I am more than glad to support the amendment tabled by Her Majesty's Opposition, because there is insufficient investment and employment and the Government have no strategy to tackle long-term unemployment or the scandal of widespread youth unemployment. The latter is connected to drugs-related crime. Many pensioners in my constituency are afraid of burglaries and are scandalised by vandalism and graffiti. Their fears are the consequence of widespread youth unemployment. There is certainly a connection. There is no strategy in the Bill with regard to those evils. I therefore believe that the policy of the Shadow Chancellor, my right hon. Friend the Member for Dunfermline, East (Mr. Brown), to train 250,000 young people is very good. His policies will bring some hope to Wales and the community that I represent on industrial Deeside.

I had hoped that the Finance Bill would include a reduction in fuel bills as a result of a cut in value added tax, a boost to energy conservation and the release of moneys from the sale of council houses so that funding for repairs and modernisation of houses could be made available. I make my views known following assessment of the terrible impact that the recent very severe arctic weather, especially the wind chill, had on tenants. The strong wind that blew and blew for several weeks made houses very cold.

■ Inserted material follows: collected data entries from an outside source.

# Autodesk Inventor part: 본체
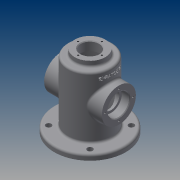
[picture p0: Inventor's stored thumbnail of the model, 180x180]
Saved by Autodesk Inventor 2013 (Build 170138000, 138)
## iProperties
Created: 2014-12
Part Number: 본체
Material: Generic
Document SubType Name: Modeling
Designer: CAD-B28
Density: 1 g/cm^3
Author: CAD-B28
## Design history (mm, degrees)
sketch "스케치1"
  geometry: C1 r 32.5 at (0, 0); 1 further point
  constraints: 1 centre point, 1 coincident
  dimensions: "d0" = 65 diameter of C1
extrude "돌출1" new body sketch "스케치1" distance "d1" = 43; taper "d3" = 0 deg; dims "d2" = 55, "d4" = 0
sketch "스케치2"
  geometry: C1 r 32.5 at (0, 0) reference; C2 r 52.5 at (0, 0)
  constraints: 1 centre point, 1 coincident
  dimensions: "d5" = 105 diameter of C2
extrude "돌출2" join sketch "스케치2" distance "d6" = 8; taper "d7" = 0 deg
sketch "스케치3"
  geometry: C1 r 52.5 at (0, 0) reference; C2 r 27.5 at (0, 0)
  constraints: 1 centre point, 1 coincident
  dimensions: "d8" = 55 diameter of C2
extrude "돌출3" cut sketch "스케치3" distance "d9" = 93; taper "d10" = 0 deg
sketch "스케치4"
  geometry: L1 (-42.5, 0)-(54.519, 0) reference; L2 (-42.5, 0)-(-42.5, 25); L3 (-42.5, 25)-(42.5, 25); L4 (42.5, 25)-(42.5, 0); L5 (-32.5, -47)-(-32.5, 43) reference; L6 (32.5, -47)-(32.5, 43) reference; 1 further point
  constraints: 8 end point, 3 perpendicular, 2 horizontal, 1 point on line
  dimensions: "d11" = 50 diameter of L3 L1; "d13" = 10 distance between parallel lines of L5 L2; "d14" = 10 distance between parallel lines of L4 L6
revolve "회전1" sketch "스케치4" stored, may be unused: angle "d15" = 90 deg
sketch "스케치5"
  geometry: L1 (-42.66, 0)-(42.5, 0) reference; L2 (-42.66, 0)-(-42.66, 16); L3 (-42.66, 16)-(-30.66, 16); L4 (-30.66, 16)-(-30.66, 12.5); L5 (-30.66, 12.5)-(30.5, 12.5); L6 (30.5, 12.5)-(30.5, 16); L7 (30.5, 16)-(42.5, 16); L8 (42.5, 16)-(42.5, 0); L9 (42.5, -25)-(42.5, 25) reference; 2 further points
  constraints: 16 end point, 4 parallel, 2 horizontal, 2 perpendicular, 1 collinear, 1 midpoint, 1 point on line
  dimensions: "d16" = 12 distance of L2.end L3.end; "d18" = 12 distance of L6.end L7.end; "d19" = 32 diameter of L7 L1; "d21" = 32 diameter of L3 L1; "d22" = 25 diameter of L5 L1
revolve "회전2" sketch "스케치5" stored, may be unused: angle "d23" = 90 deg
extrude "돌출4" cut sketch "스케치3" distance "d24" = 93; taper "d25" = 0 deg
sketch "스케치6"
  geometry: C1 r 32.5 at (0, 0) reference; C2 r 22.5 at (0, 0)
  constraints: 1 centre point, 1 coincident
  dimensions: "d26" = 45 diameter of C2
extrude "돌출5" join sketch "스케치6" distance "d27" = 8; taper "d28" = 0 deg
sketch "스케치7"
  geometry: C1 r 22.5 at (0, 0) reference; C2 r 13.5 at (0, 0)
  constraints: 1 centre point, 1 coincident
  dimensions: "d29" = 27 diameter of C2
extrude "돌출6" cut sketch "스케치7" stored distance "d30" = 8; taper "d31" = 0 deg
sketch "스케치8" dims "d32" = 41
  geometry: L1 (0, 0)-(25, 0); 2 further points
  constraints: 2 end point, 2 horizontal alignment, 1 coincident, 1 horizontal, 1 point on line, 3 other
hole "구멍1" sketch "스케치8" at (20.5, 0) diameter "d33" = 2.459; stored, may be unused: countersink angle "d37" = 90 deg, drill point angle "d39" = 118 deg; dims "d34" = 6, "d35" = 4, "d36" = 2, "d38" = 8
sketch "스케치9" dims "d43" = 35
  geometry: L1 (0, 0)-(0, 20.281); C1 r 22.5 at (0, 0) reference; 1 further point
  constraints: 2 end point, 1 coincident, 1 point on line, 1 vertical, 1 vertical alignment, 2 other
hole "구멍2" sketch "스케치9" at (0, 17.5) diameter "d44" = 2.459; stored, may be unused: countersink angle "d48" = 90 deg, drill point angle "d50" = 118 deg; dims "d45" = 6, "d46" = 4, "d47" = 2, "d49" = 8
chamfer "모따기1" distance "d54" = 1; stored, may be unused: second distance "d55" = 2, angle "d56" = 45 deg
fillet "모깎기1" dims "d57" = 0.3
sketch "스케치10" dims "d58" = 86
  geometry: L1 (0, 0)-(0, 50.353); L2 (0, 0)-(35.191, 35.191); C1 r 52.5 at (0, 0) reference; C2 r 4 at (30.406, 30.406)
  constraints: 4 end point, 1 centre point, 1 coincident, 1 point on line, 1 vertical, 3 other
  dimensions: "d59" = 45 deg angle of L2 L1; "d61" = 8 diameter of C2
extrude "돌출7" cut sketch "스케치10" stored distance "d62" = 8; taper "d63" = 0 deg
fillet "모깎기2" dims "d67" = 3
node "작업 평면1"
sketch "스케치11"
  geometry: L1 (0, 38.927)-(0, 28.211); L2 (-29.5, 43)-(29.5, 43) reference; 2 further points
  constraints: 2 end point, 1 point on line, 1 vertical, 1 other
  dimensions: "d69" = 9 distance from line of L2 point (0, 34)
feature "엠보싱1" sketch "스케치11" dims "d11" = 50, "d70" = 1, "d71" = 0
fillet "모깎기3" dims "d72" = 3
node "솔리드1"
pattern_circular "원형 패턴1" dims angle "d41" = 360 deg
mirror "대칭1"
pattern_circular "원형 패턴2" dims angle "d52" = 360 deg
pattern_circular "원형 패턴3" dims angle "d65" = 360 deg
other parameters: "d68" = 35.75

In my constituency, far too many homes still have rotting windows, draughty doors and rooms without radiators or any form of central heating. I want to speak up for tenants in such houses for they have experienced severe conditions as a consequence of the frighteningly cold weather that gripped our country for weeks. The House should consider the consequences for young families of those freezing temperatures. It became an ordeal. It was a misery for them and pointed to unhappiness and the onset of ill health.

The severe weather impacted greatly on the domestic budgets of people who do not earn a large wage or are on benefits. One example from my constituency surgery that comes to mind is of a young mother whose four-week old baby had been born, I believe, nine weeks prematurely. The home in which she sheltered with her husband and baby during the terrifyingly cold weather had no radiators; there was but a gas fire. Consequently, that young family, with the responsibility for that young child, decided in the end to decamp, leave the house and take shelter in the young mother's mother's home five miles away. They simply locked up their house and went to a warmer one because their home had not been modernised; it did not have modern window frames or the modicum of central heating that it deserved.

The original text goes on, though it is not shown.